Thanks for nailing this down for me! One more question: should we be concerned about any guest memory accesses occurring in the preamble to that vcpu_run() call in kvm_arch_vcpu_ioctl_run()? I only see two spots from which an EFAULT could make it to userspace, those being the sync_regs() and cui() calls. The former looks clean but I'm not sure about the latter. As written it's not an issue per se if the cui() call tries a vCPU memory access- the kvm_populate_efault_info() helper will just not populate the run struct and WARN_ON_ONCE(). But it would be good to know about.

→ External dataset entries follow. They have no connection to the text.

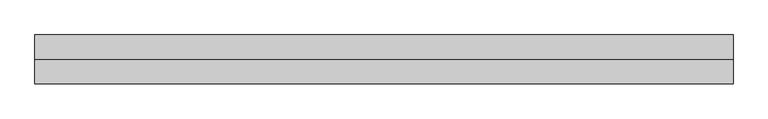
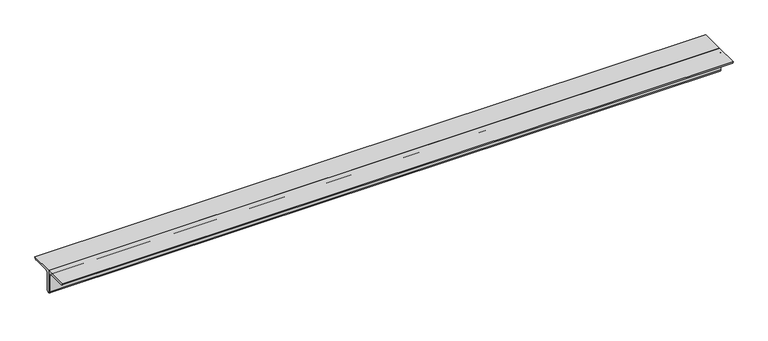
"""IFC4 building model written with IfcOpenShell, lengths in millimetres: member geometry, 0123_Steel Framing_2Ls-KSD3502 : H_SB_AR_S03_2Ls-130x130x12_HBR1."""

from ifc_helpers import new_model, si_unit, point, frame, frame_2d, origin, place, context, project, spatial, polyline, circle_curve, trimmed, segment, composite_curve, outline, extrude, source, transform, mapped, element, save


def member_48b3af6f(model_context):
    return source(origin(), model_context, "Body", "SweptSolid", [
        extrude(outline(composite_curve([segment(polyline([(0.0, 36.4), (130.0, 36.4)]), True, "CONTINUOUS"), segment(trimmed(circle_curve(frame_2d((118.0, 36.4)), 12.0), [point((130.0, 36.4))], [point((118.0, 24.4))], False, "CARTESIAN"), True, "CONTINUOUS"), segment(polyline([(118.0, 24.4), (24.0, 24.4)]), True, "CONTINUOUS"), segment(trimmed(circle_curve(frame_2d((24.0, 12.4)), 12.0), [point((24.0, 24.4))], [point((12.0, 12.4))], True, "CARTESIAN"), True, "CONTINUOUS"), segment(polyline([(12.0, 12.4), (12.0, -81.6)]), True, "CONTINUOUS"), segment(trimmed(circle_curve(frame_2d((0.0, -81.6)), 12.0), [point((12.0, -81.6))], [point((0.0, -93.6))], False, "CARTESIAN"), True, "CONTINUOUS"), segment(polyline([(0.0, -93.6), (0.0, 36.4)]), True, "CONTINUOUS")], self_intersect=False)), frame((-1830.7666695, 0.0, 0.0), z_axis=(1.0, 0.0, 0.0), x_axis=(0.0, 1.0, 0.0)), (0.0, 0.0, 1.0), 3701.6272171),
        extrude(outline(composite_curve([segment(polyline([(0.0, 36.4), (0.0, -93.6)]), True, "CONTINUOUS"), segment(trimmed(circle_curve(frame_2d((0.0, -81.6)), 12.0), [point((0.0, -93.6))], [point((-12.0, -81.6))], False, "CARTESIAN"), True, "CONTINUOUS"), segment(polyline([(-12.0, -81.6), (-12.0, 12.4)]), True, "CONTINUOUS"), segment(trimmed(circle_curve(frame_2d((-24.0, 12.4)), 12.0), [point((-12.0, 12.4))], [point((-24.0, 24.4))], True, "CARTESIAN"), True, "CONTINUOUS"), segment(polyline([(-24.0, 24.4), (-118.0, 24.4)]), True, "CONTINUOUS"), segment(trimmed(circle_curve(frame_2d((-118.0, 36.4)), 12.0), [point((-118.0, 24.4))], [point((-130.0, 36.4))], False, "CARTESIAN"), True, "CONTINUOUS"), segment(polyline([(-130.0, 36.4), (0.0, 36.4)]), True, "CONTINUOUS")], self_intersect=False)), frame((-1830.7666695, 0.0, 0.0), z_axis=(1.0, 0.0, 0.0), x_axis=(0.0, 1.0, 0.0)), (0.0, 0.0, 1.0), 3701.6272171),
    ])


if __name__ == "__main__":
    model = new_model("IFC4")
    model_context = context("Model", 3, world=origin())
    ifc_project = project(units=[si_unit("LENGTHUNIT", "METRE", prefix="MILLI")], contexts=[model_context])
    site = spatial("IfcSite", under=ifc_project)
    building = spatial("IfcBuilding", under=site)
    placement = place(None, origin())
    member_shape = member_48b3af6f(model_context)
    element("IfcMember", 1, ObjectType="0123_Steel Framing_2Ls-KSD3502 : H_SB_AR_S03_2Ls-130x130x12_HBR1", at=placement, inside=building, context=model_context, shape_type="MappedRepresentation", body=[
        mapped(member_shape, transform((0.0, 0.0, 0.0), x_axis=(1.0, 0.0, 0.0), y_axis=(0.0, 1.0, 0.0), z_axis=(0.0, 0.0, 1.0))),
    ])
    save(model, "model.ifc")

# Revit data of these elements
# Type "0123_Steel Framing_2Ls-KSD3502 : H_SB_AR_S03_2Ls-130x130x12_HBR1"
#   Type Mark = "HBR1"
#   Assembly Code = "B10"
#   Legs = "SLBB"
#   W = 8.97
#   Perimeter = 1.04 m²/m
#   Nominal Weight = 46.80 kgf/m
#   Length [instance default] = 1000 mm
#   Space = 0 mm
#   b = 130 mm
#   d = 130 mm
#   t = 12 mm
#   y = 36.4 mm
#   A = 0.005952 m²
#   Structural Material [instance default] = Steel ASTM A36
# Element 1 (IfcMember, "0123_Steel Framing_2Ls-KSD3502 : H_SB_AR_S03_2Ls-130x130x12_HBR1")
#   Materials on its faces: "Steel ASTM A36"
# Materials
#   "Steel ASTM A36": class "Metal", colour RGB 199 199 199, transparency 0, Description = "Structural steel, ASTM A36 Grade B, mill finish", Cost = 0
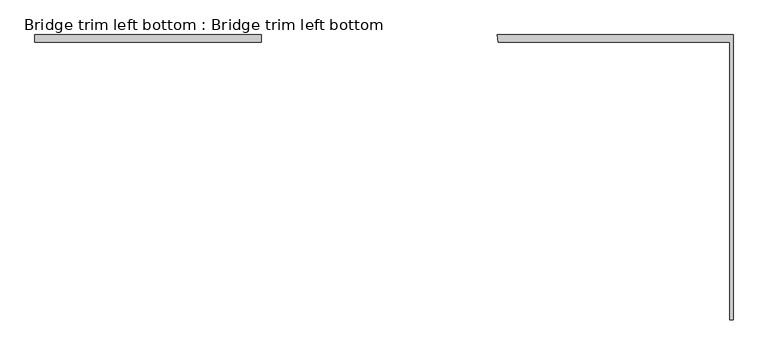
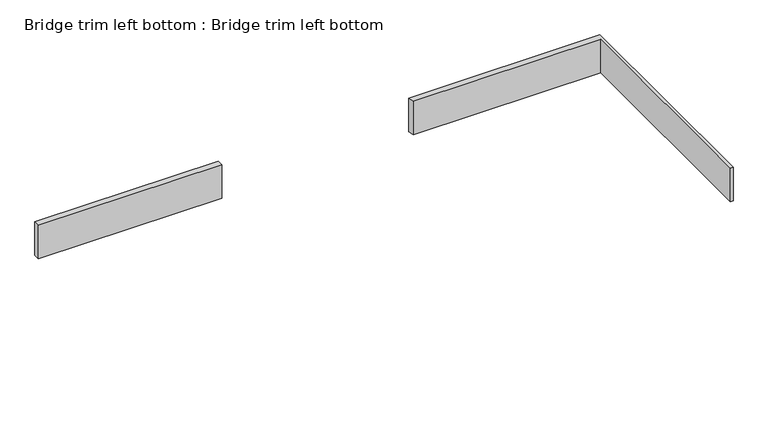
"""IFC4 building model written with IfcOpenShell, lengths in millimetres: furniture geometry, Bridge trim left bottom : Bridge trim left bottom."""

from ifc_helpers import new_model, si_unit, frame, origin, place, context, project, spatial, polyline, outline, extrude, source, transform, mapped, element, save


def bridge_trim_left_bottom_bridge_trim_left_bottom_b1ceb173(model_context):
    return source(origin(), model_context, "Body", "SweptSolid", [
        extrude(outline(polyline([(103.1875, 11912.6), (103.1875, 11857.0375), (-1578.305012, 11857.0375), (-1578.305012, 11912.6), (-1537.194945, 11912.6), (103.1875, 11912.6)])), frame((0.0, 0.0, 2717.8), z_axis=(0.0, 0.0, 1.0), x_axis=(1.0, 0.0, 0.0)), (0.0, 0.0, 1.0), 323.85),
        extrude(outline(polyline([(3606.0306594, 11912.6), (3606.0306594, 9793.2875), (3580.6306594, 9793.2875), (3580.6306594, 11857.0375), (1860.55, 11857.0375), (1853.4306594, 11912.6), (3606.0306594, 11912.6)])), frame((0.0, 0.0, 2717.8), z_axis=(0.0, 0.0, 1.0), x_axis=(1.0, 0.0, 0.0)), (0.0, 0.0, 1.0), 323.85),
    ])


if __name__ == "__main__":
    model = new_model("IFC4")
    model_context = context("Model", 3, world=origin())
    ifc_project = project(units=[si_unit("LENGTHUNIT", "METRE", prefix="MILLI")], contexts=[model_context])
    site = spatial("IfcSite", under=ifc_project)
    building = spatial("IfcBuilding", under=site)
    placement = place(None, origin())
    bridge_trim_left_bottom_bridge_trim_left_bottom_shape = bridge_trim_left_bottom_bridge_trim_left_bottom_b1ceb173(model_context)
    element("IfcFurniture", 1, ObjectType="Bridge trim left bottom : Bridge trim left bottom", at=placement, inside=building, context=model_context, shape_type="MappedRepresentation", body=[
        mapped(bridge_trim_left_bottom_bridge_trim_left_bottom_shape, transform((0.0, 0.0, 0.0), x_axis=(1.0, 0.0, 0.0), y_axis=(0.0, 1.0, 0.0), z_axis=(0.0, 0.0, 1.0))),
    ])
    save(model, "model.ifc")

# Revit data of these elements
# Type "Bridge trim left bottom : Bridge trim left bottom"
#   COBie.Type = no
# Element 1 (IfcFurniture, "Bridge trim left bottom : Bridge trim left bottom")
#   Materials on its faces: "Trim - White"
# Materials
#   "Trim - White": class "Wood", colour RGB 255 255 255, transparency 0, Cost = 0

On Tue, May 02, 2023, Anish Moorthy wrote: > Thanks for nailing this down for me! One more question: should we be > concerned about any guest memory accesses occurring in the preamble to > that vcpu_run() call in kvm_arch_vcpu_ioctl_run()? > > I only see two spots from which an EFAULT could make it to userspace, > those being the sync_regs() and cui() calls. The former looks clean Ya, sync_regs() is a non-issue, that doesn't touch guest memory unless userspace is doing something truly bizarre. > but I'm not sure about the latter. As written it's not an issue per se > if the cui() call tries a vCPU memory access- the > kvm_populate_efault_info() helper will just not populate the run > struct and WARN_ON_ONCE(). But it would be good to know about. If KVM triggers a WARN_ON_ONCE(), then that's an issue. Though looking at the code, the cui() aspect is a moot point. As I stated in the previous discussion, the WARN_ON_ONCE() in question needs to be off-by-default. : Hmm, one idea would be to have the initial -EFAULT detection fill kvm_run.memory_fault, : but set kvm_run.exit_reason to some magic number, e.g. zero it out. Then KVM could : WARN if something tries to overwrite kvm_run.exit_reason. The WARN would need to : be buried by a Kconfig or something since kvm_run can be modified by userspace, : but other than that I think it would work.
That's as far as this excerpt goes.